The first meeting of the party's state committee, in April, was marked by a physical altercation between two Republicans who were part of warring factions loyal to Karamo and former chair candidate Matthew DePerno.

Citing Pego's email, longtime Michigan GOP operative Brandon Hall wrote on Facebook late Wednesday that members of the party's state committee were plotting a potential "no confidence" vote in Karamo. 

There is "zero" truth to that claim, 5th Congressional District Chairman Jon Smith told Bridge. There is “frustration” within the party, he acknowledged.

Smith helped convene a Wednesday evening Zoom meeting with fellow district chairs to discuss the budget committee dispute. Pego was on the three-hour call seeking “more transparency and communication” by the administration but did not push to try and overthrow Karamo, Smith said.

Karamo and Pego did not immediately respond to voicemails, emails or text messages seeking comment on this story.

The Michigan GOP has faced significant financial challenges since Karamo took over the party in February with a pledge to focus on small-money contributions because many big donors had abandoned the increasingly grassroots party. 

Karamo has alleged her predecessors left the party in debt and gave her no access bank accounts, donor lists and other relevant information needed to perform routine functions.

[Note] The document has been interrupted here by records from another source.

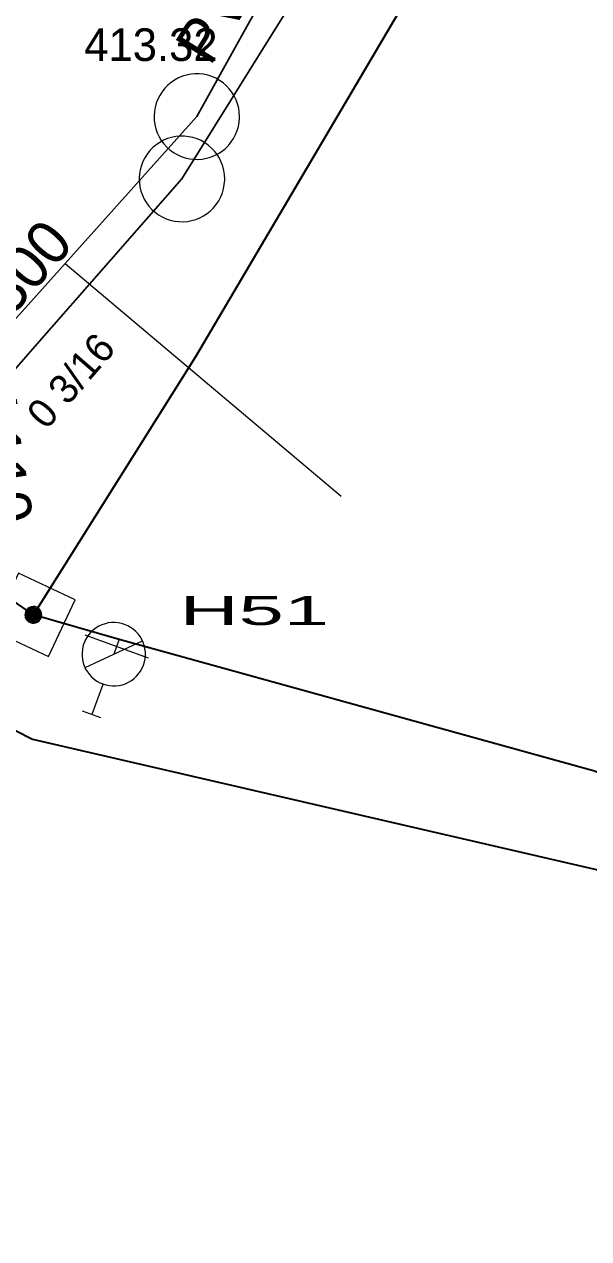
# Model space of a CAD drawing. Extents: x -772952 to -772403, y -1033777 to -1033210.
# Drawn here: x -772870.65 to -772855.07, y -1033589.93 to -1033556.43 of the extents above; entities that cross this region are included whole.
import ezdxf

# ---------------------------------------------------------------- set-up
doc = ezdxf.new("R2010")
doc.units = 0
doc.header["$LTSCALE"] = 0.36
for name, color, linetype, lineweight in [('15', 7, 'Continuous', 13), ('16', 7, 'Continuous', 35), ('2', 7, 'Continuous', 25), ('20', 7, 'Continuous', 13), ('21', 7, 'Continuous', 13), ('4', 7, 'Continuous', 13), ('57', 7, 'Continuous', 13), ('59', 7, 'Continuous', 13)]:
    doc.layers.add(name, color=color, linetype=linetype, lineweight=lineweight)
for name, color, linetype in [('17', 7, 'Continuous'), ('3', 7, 'Continuous'), ('6', 7, 'Continuous')]:
    doc.layers.add(name, color=color, linetype=linetype)

msp = doc.modelspace()

# ---------------------------------------------------------------- linework, layer by layer
at = {"layer": '15'}
msp.add_line((-772868.978, -1033573.271), (-772867.23, -1033573.912), dxfattribs=at)
for points in [[(-772870.172, -1033572.723), (-772870.178, -1033572.671), (-772870.195, -1033572.621), (-772870.224, -1033572.577), (-772870.261, -1033572.54), (-772870.306, -1033572.513), (-772870.356, -1033572.496), (-772870.409, -1033572.492), (-772870.461, -1033572.499), (-772870.51, -1033572.518), (-772870.553, -1033572.547), (-772870.589, -1033572.586), (-772870.615, -1033572.631), (-772870.631, -1033572.682), (-772870.634, -1033572.734), (-772870.626, -1033572.786), (-772870.606, -1033572.835), (-772870.575, -1033572.878), (-772870.536, -1033572.912), (-772870.49, -1033572.938), (-772870.439, -1033572.952), (-772870.386, -1033572.954), (-772870.335, -1033572.944), (-772870.287, -1033572.923), (-772870.244, -1033572.892), (-772870.21, -1033572.851), (-772870.186, -1033572.805), (-772870.174, -1033572.754)], [(-772870.202, -1033572.723), (-772870.208, -1033572.674), (-772870.225, -1033572.628), (-772870.253, -1033572.588), (-772870.29, -1033572.556), (-772870.334, -1033572.534), (-772870.382, -1033572.523), (-772870.431, -1033572.523), (-772870.478, -1033572.536), (-772870.521, -1033572.56), (-772870.557, -1033572.593), (-772870.584, -1033572.634), (-772870.6, -1033572.681), (-772870.604, -1033572.73), (-772870.597, -1033572.778), (-772870.578, -1033572.823), (-772870.548, -1033572.863), (-772870.51, -1033572.894), (-772870.466, -1033572.914), (-772870.418, -1033572.924), (-772870.369, -1033572.922), (-772870.322, -1033572.907), (-772870.279, -1033572.882), (-772870.245, -1033572.848), (-772870.219, -1033572.806), (-772870.205, -1033572.759)], [(-772870.232, -1033572.723), (-772870.238, -1033572.678), (-772870.255, -1033572.636), (-772870.283, -1033572.601), (-772870.319, -1033572.574), (-772870.361, -1033572.557), (-772870.406, -1033572.552), (-772870.451, -1033572.558), (-772870.492, -1033572.577), (-772870.527, -1033572.605), (-772870.554, -1033572.642), (-772870.57, -1033572.684), (-772870.574, -1033572.729), (-772870.567, -1033572.774), (-772870.548, -1033572.815), (-772870.519, -1033572.849), (-772870.482, -1033572.875), (-772870.439, -1033572.891), (-772870.394, -1033572.894), (-772870.349, -1033572.886), (-772870.309, -1033572.866), (-772870.275, -1033572.837), (-772870.249, -1033572.799), (-772870.235, -1033572.756)], [(-772870.262, -1033572.723), (-772870.267, -1033572.682), (-772870.285, -1033572.645), (-772870.312, -1033572.614), (-772870.347, -1033572.593), (-772870.387, -1033572.582), (-772870.428, -1033572.584), (-772870.467, -1033572.597), (-772870.501, -1033572.621), (-772870.526, -1033572.653), (-772870.541, -1033572.691), (-772870.544, -1033572.732), (-772870.536, -1033572.772), (-772870.516, -1033572.808), (-772870.487, -1033572.837), (-772870.45, -1033572.856), (-772870.41, -1033572.864), (-772870.369, -1033572.86), (-772870.331, -1033572.845), (-772870.299, -1033572.819), (-772870.276, -1033572.785), (-772870.263, -1033572.746)], [(-772870.292, -1033572.723), (-772870.297, -1033572.687), (-772870.315, -1033572.655), (-772870.341, -1033572.63), (-772870.375, -1033572.615), (-772870.411, -1033572.612), (-772870.446, -1033572.62), (-772870.477, -1033572.64), (-772870.5, -1033572.668), (-772870.513, -1033572.702), (-772870.513, -1033572.739), (-772870.502, -1033572.774), (-772870.481, -1033572.803), (-772870.451, -1033572.824), (-772870.416, -1033572.834), (-772870.379, -1033572.832), (-772870.345, -1033572.818), (-772870.318, -1033572.795), (-772870.299, -1033572.763), (-772870.292, -1033572.728)], [(-772870.322, -1033572.723), (-772870.327, -1033572.692), (-772870.344, -1033572.666), (-772870.37, -1033572.649), (-772870.4, -1033572.642), (-772870.431, -1033572.646), (-772870.458, -1033572.663), (-772870.476, -1033572.687), (-772870.484, -1033572.718), (-772870.48, -1033572.748), (-772870.465, -1033572.776), (-772870.441, -1033572.795), (-772870.411, -1033572.804), (-772870.38, -1033572.801), (-772870.352, -1033572.787), (-772870.332, -1033572.763), (-772870.322, -1033572.734)], [(-772870.352, -1033572.723), (-772870.357, -1033572.699), (-772870.374, -1033572.681), (-772870.397, -1033572.672), (-772870.421, -1033572.675), (-772870.442, -1033572.689), (-772870.453, -1033572.711), (-772870.453, -1033572.736), (-772870.441, -1033572.757), (-772870.421, -1033572.771), (-772870.396, -1033572.774), (-772870.373, -1033572.765), (-772870.357, -1033572.747)], [(-772870.382, -1033572.723), (-772870.387, -1033572.708), (-772870.402, -1033572.702), (-772870.417, -1033572.706), (-772870.424, -1033572.72), (-772870.42, -1033572.735), (-772870.407, -1033572.744), (-772870.392, -1033572.741), (-772870.382, -1033572.729)]]:
    msp.add_lwpolyline(points, close=True, dxfattribs=at)
at = {"layer": '16'}
for points in [[(-772870.403, -1033572.723), (-772865.918, -1033565.594), (-772858.208, -1033552.52), (-772854.394, -1033546.056), (-772851.153, -1033540.157), (-772849.795, -1033537.486), (-772845.024, -1033528.103), (-772839.019, -1033515.318), (-772837.765, -1033512.662), (-772833.548, -1033502.146)], [(-772870.403, -1033572.723), (-772872.293, -1033571.429), (-772871.831, -1033567.296), (-772871.53, -1033565.039)], [(-772759.272, -1033597.956), (-772777.938, -1033599.996), (-772804.013, -1033600.436), (-772815.616, -1033598.743), (-772829.081, -1033590.92), (-772839.554, -1033583.848), (-772854.907, -1033577.034), (-772868.037, -1033573.403), (-772870.403, -1033572.723)], [(-772871.839, -1033575.434), (-772870.427, -1033576.155), (-772849.008, -1033581.096), (-772841.55, -1033584.107), (-772822.87, -1033596.07), (-772815.517, -1033599.879), (-772800.324, -1033602.374), (-772785.625, -1033603.857), (-772759.69, -1033599.467), (-772726.1, -1033595.877), (-772705.133, -1033594.197), (-772687.467, -1033594.611), (-772649.087, -1033602.85)]]:
    msp.add_lwpolyline(points, dxfattribs=at)
at = {"layer": '2'}
for points in [[(-772856.3, -1033541.79), (-772858.202, -1033545.2), (-772859.574, -1033547.659), (-772861.584, -1033551.262), (-772862.915, -1033553.648), (-772863.687, -1033555.031), (-772864.505, -1033556.497), (-772865.89, -1033558.98)], [(-772856.75, -1033545.37), (-772857.835, -1033547.112), (-772858.191, -1033547.661), (-772859.727, -1033550.149), (-772861.201, -1033552.516), (-772862.495, -1033554.592), (-772863.958, -1033556.941), (-772866.3, -1033560.7)], [(-772865.89, -1033558.98), (-772869.521, -1033563.033), (-772871.824, -1033565.591), (-772872.027, -1033565.83), (-772872.43, -1033566.313)], [(-772866.3, -1033560.7), (-772867.35, -1033561.895), (-772868.261, -1033562.931), (-772870.428, -1033565.396), (-772871.974, -1033567.156), (-772874.87, -1033570.45)]]:
    msp.add_lwpolyline(points, dxfattribs=at)
at = {"layer": '20'}
for p, q in [((-772868.973, -1033574.178), (-772867.385, -1033573.442)), ((-772868.484, -1033574.642), (-772868.789, -1033575.472)), ((-772868.535, -1033575.565), (-772869.043, -1033575.378))]:
    msp.add_line(p, q, dxfattribs=at)
msp.add_lwpolyline([(-772869.005, -1033573.508), (-772869.032, -1033573.594), (-772869.05, -1033573.683), (-772869.059, -1033573.776), (-772869.058, -1033573.866), (-772869.046, -1033573.957), (-772869.026, -1033574.048), (-772868.996, -1033574.133), (-772868.959, -1033574.217), (-772868.91, -1033574.295), (-772868.856, -1033574.368), (-772868.794, -1033574.435), (-772868.725, -1033574.497), (-772868.65, -1033574.55), (-772868.571, -1033574.594), (-772868.486, -1033574.629), (-772868.398, -1033574.657), (-772868.309, -1033574.675), (-772868.218, -1033574.683), (-772868.125, -1033574.681), (-772868.034, -1033574.67), (-772867.945, -1033574.649), (-772867.859, -1033574.621), (-772867.776, -1033574.581), (-772867.697, -1033574.535), (-772867.623, -1033574.479), (-772867.556, -1033574.417), (-772867.497, -1033574.349), (-772867.443, -1033574.273), (-772867.399, -1033574.193), (-772867.362, -1033574.109), (-772867.336, -1033574.022), (-772867.318, -1033573.933), (-772867.31, -1033573.84), (-772867.311, -1033573.75), (-772867.322, -1033573.659), (-772867.342, -1033573.569), (-772867.373, -1033573.483), (-772867.41, -1033573.399), (-772867.458, -1033573.321), (-772867.512, -1033573.248), (-772867.575, -1033573.181), (-772867.644, -1033573.119), (-772867.719, -1033573.068), (-772867.798, -1033573.022), (-772867.883, -1033572.987), (-772867.971, -1033572.959), (-772868.061, -1033572.943), (-772868.151, -1033572.933), (-772868.243, -1033572.935), (-772868.335, -1033572.946), (-772868.423, -1033572.967), (-772868.51, -1033572.995), (-772868.593, -1033573.035), (-772868.672, -1033573.081), (-772868.745, -1033573.137), (-772868.813, -1033573.199), (-772868.872, -1033573.267), (-772868.926, -1033573.343), (-772868.97, -1033573.423), (-772869.004, -1033573.506)], dxfattribs=at)
at = {"layer": '21'}
msp.add_lwpolyline([(-772870.817, -1033571.571), (-772871.554, -1033573.136), (-772869.989, -1033573.873), (-772869.252, -1033572.308)], close=True, dxfattribs=at)
at = {"layer": '4'}
for points in [[(-772864.71, -1033558.98), (-772864.716, -1033558.861), (-772864.734, -1033558.744), (-772864.763, -1033558.628), (-772864.804, -1033558.517), (-772864.856, -1033558.41), (-772864.919, -1033558.309), (-772864.992, -1033558.214), (-772865.073, -1033558.128), (-772865.163, -1033558.05), (-772865.261, -1033557.981), (-772865.364, -1033557.923), (-772865.473, -1033557.876), (-772865.587, -1033557.839), (-772865.703, -1033557.814), (-772865.821, -1033557.802), (-772865.94, -1033557.801), (-772866.059, -1033557.812), (-772866.175, -1033557.835), (-772866.289, -1033557.869), (-772866.399, -1033557.915), (-772866.504, -1033557.972), (-772866.602, -1033558.039), (-772866.693, -1033558.115), (-772866.776, -1033558.2), (-772866.85, -1033558.294), (-772866.914, -1033558.394), (-772866.968, -1033558.5), (-772867.011, -1033558.611), (-772867.043, -1033558.725), (-772867.062, -1033558.843), (-772867.07, -1033558.962), (-772867.066, -1033559.08), (-772867.05, -1033559.198), (-772867.022, -1033559.314), (-772866.983, -1033559.426), (-772866.932, -1033559.534), (-772866.871, -1033559.636), (-772866.8, -1033559.732), (-772866.72, -1033559.819), (-772866.631, -1033559.899), (-772866.535, -1033559.969), (-772866.432, -1033560.029), (-772866.324, -1033560.078), (-772866.211, -1033560.116), (-772866.095, -1033560.142), (-772865.977, -1033560.157), (-772865.858, -1033560.16), (-772865.74, -1033560.151), (-772865.622, -1033560.13), (-772865.508, -1033560.097), (-772865.398, -1033560.053), (-772865.292, -1033559.998), (-772865.193, -1033559.932), (-772865.1, -1033559.857), (-772865.016, -1033559.773), (-772864.941, -1033559.681), (-772864.875, -1033559.582), (-772864.819, -1033559.477), (-772864.775, -1033559.367), (-772864.741, -1033559.253), (-772864.72, -1033559.136), (-772864.71, -1033559.017)], [(-772865.12, -1033560.7), (-772865.126, -1033560.581), (-772865.144, -1033560.464), (-772865.173, -1033560.348), (-772865.214, -1033560.237), (-772865.266, -1033560.13), (-772865.329, -1033560.029), (-772865.402, -1033559.934), (-772865.483, -1033559.848), (-772865.573, -1033559.77), (-772865.671, -1033559.701), (-772865.774, -1033559.643), (-772865.883, -1033559.596), (-772865.997, -1033559.559), (-772866.113, -1033559.534), (-772866.231, -1033559.522), (-772866.35, -1033559.521), (-772866.469, -1033559.532), (-772866.585, -1033559.555), (-772866.699, -1033559.589), (-772866.809, -1033559.635), (-772866.914, -1033559.692), (-772867.012, -1033559.759), (-772867.103, -1033559.835), (-772867.186, -1033559.92), (-772867.26, -1033560.014), (-772867.324, -1033560.114), (-772867.378, -1033560.22), (-772867.421, -1033560.331), (-772867.453, -1033560.445), (-772867.472, -1033560.563), (-772867.48, -1033560.682), (-772867.476, -1033560.8), (-772867.46, -1033560.918), (-772867.432, -1033561.034), (-772867.393, -1033561.146), (-772867.342, -1033561.254), (-772867.281, -1033561.356), (-772867.21, -1033561.452), (-772867.13, -1033561.539), (-772867.041, -1033561.619), (-772866.945, -1033561.689), (-772866.842, -1033561.749), (-772866.734, -1033561.798), (-772866.621, -1033561.836), (-772866.505, -1033561.862), (-772866.387, -1033561.877), (-772866.268, -1033561.88), (-772866.15, -1033561.871), (-772866.032, -1033561.85), (-772865.918, -1033561.817), (-772865.808, -1033561.773), (-772865.702, -1033561.718), (-772865.603, -1033561.652), (-772865.51, -1033561.577), (-772865.426, -1033561.493), (-772865.351, -1033561.401), (-772865.285, -1033561.302), (-772865.229, -1033561.197), (-772865.185, -1033561.087), (-772865.151, -1033560.973), (-772865.13, -1033560.856), (-772865.12, -1033560.737)]]:
    msp.add_lwpolyline(points, close=True, dxfattribs=at)
at = {"layer": '57'}
msp.add_line((-772869.521, -1033563.033), (-772861.9, -1033569.45), dxfattribs=at)
at = {"layer": '59'}
msp.add_lwpolyline([(-772868.037, -1033573.403), (-772868.105, -1033573.592), (-772868.185, -1033573.809)], dxfattribs=at)

# ---------------------------------------------------------------- texts
at = {"layer": '17'}
msp.add_text('PE DN 100 d 110 ', height=1.2, rotation=279, dxfattribs=at).set_placement((-772873.535, -1033557.959))
at = {"layer": '20', "width": 2.1}
msp.add_text('H51 ', height=0.8, dxfattribs=at).set_placement((-772866.359, -1033573.004))
at = {"layer": '3'}
for s, height, rotation, p in [('PVC DN 300', 1.2, 58, (-772865.52, -1033557.613)), ('PVC DN 300', 1.2, 49, (-772875.275, -1033569.439)), ('0 3/16 ', 0.8, 49, (-772870.043, -1033567.646))]:
    msp.add_text(s, height=height, rotation=rotation, dxfattribs=at).set_placement(p)
at = {"layer": '6'}
msp.add_text('413.32', height=0.9, dxfattribs=at).set_placement((-772868.998, -1033557.446))

doc.saveas('drawing.dxf')

"It's stressful in our party,” said Smith, the 5th Congressional District chair. “We have a whole new organization, there's limited money, there's limited skill sets and expertise — and on top of it all, the Democrats have a majority (in Lansing), and they're having their way."

In her Wednesday email to fellow Republicans, Pego said she had opened a new bank account for the Michigan GOP but that her own access had been "removed, denied and not yet reinstated."

More than four months into Karamo's tenure, the budget committee has not received enough information from the administration to craft a budget or make other decisions, aside from approving Karamo's salary, Pego alleged. 

"We need to know ALL outgoing expenditures, and that on a regular basis," Pego wrote in the email,  first reported by the subscription-based Michigan Information & Research Service.

"We need to see all accounts, all contracts, all agreements, all current roles and positions, all proposed positions, etc., everything. We need the Mackinac Leadership Conference financial information, contract, income, payments, invoices, expenses etc., in its entirety."

Johnson, in a statement provided to Bridge Michigan, said the budget committee he had led sought to implement "responsible spending limits" given "extremely meager" fundraising but was met with "adamant opposition from Chair Karamo and the small circle of operatives around her."

"As one of the many people who had been won over with the inspiring vision Chair Karamo gave us in her speeches, I am profoundly disappointed," Johnson continued. "I know the Republican Party has lost the trust of many, and I’m sorry to see more of the same, when we can do much better."


In her own email to GOP activists, Karamo defended her decision to remove Johnson from the budget committee. She accused him of "non-action" and "slow action on critical items" and a "leak of sensitive committee information," along with communication and leadership failures.

Karamo also lamented the feud itself, urging Republicans to instead focus on the upcoming 2024 election cycle, which will feature a presidential contest, state House races and what will likely be a fierce battle for a U.S. Senate seat opening up with the pending retirement of Democratic Sen. Debbie Stabenow. 

"What should be a simple intra-committee matter is now spilling beyond that, which will cause further division within our party," Karamo wrote. 

"These divisions are a distraction when our party should be unifying around stopping the Marxists in Lansing."